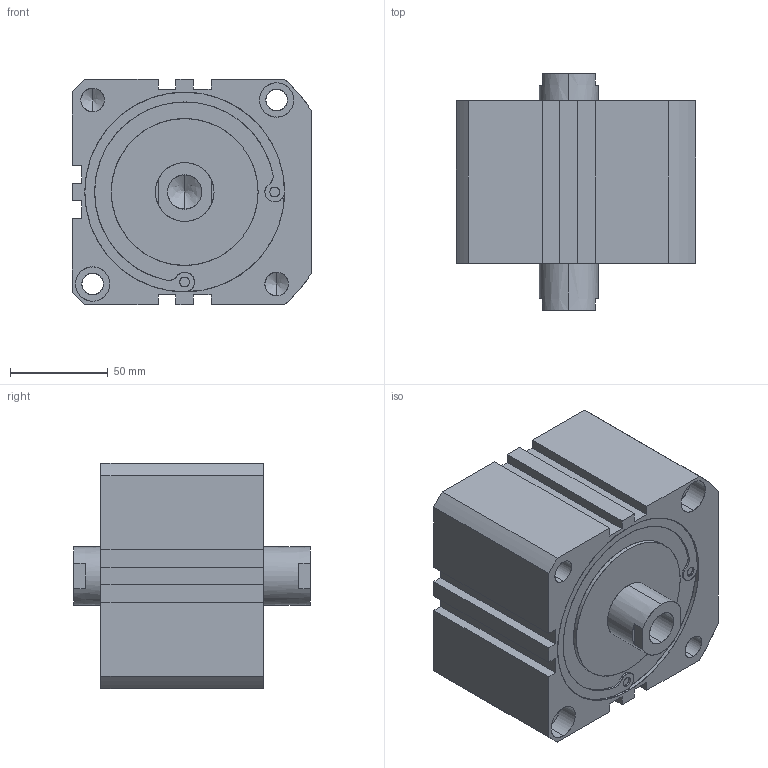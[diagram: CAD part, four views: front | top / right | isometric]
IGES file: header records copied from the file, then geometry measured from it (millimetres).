
Start section: SolidWorks IGES file using analytic representation for surfaces
Global section: file name: C:\Users\Toshiba\Desktop\XC#7-100D-10.IGS; native system: SolidWorks 2014; preprocessor: SolidWorks 2014; author: Toshiba; date: 160523.162859; units: millimetre
Bounding box: 122.5 x 121 x 115 mm (x, y, z)
Surface area: 91355.4 mm2 (no closed solid volume)
Topology: 0 solids, 0 shells, 142 faces, 2636 edges, 2620 vertices
Faces by surface type: revolution 86, bspline 56

-----

Could you retype every record above exactly, leaving the pictures out?

[diagram: CAD part, four views: front | top / right | isometric]
IGES file: header records copied from the file, then geometry measured from it (millimetres).
Start section: SolidWorks IGES file using analytic representation for surfaces
Global section: file name: C:\Users\Toshiba\Desktop\XC#7-100D-10.IGS; native system: SolidWorks 2014; preprocessor: SolidWorks 2014; author: Toshiba; date: 160523.162859; units: millimetre
Bounding box: 122.5 x 121 x 115 mm (x, y, z)
Surface area: 91355.4 mm2 (no closed solid volume)
Topology: 0 solids, 0 shells, 142 faces, 2636 edges, 2620 vertices
Faces by surface type: revolution 86, bspline 56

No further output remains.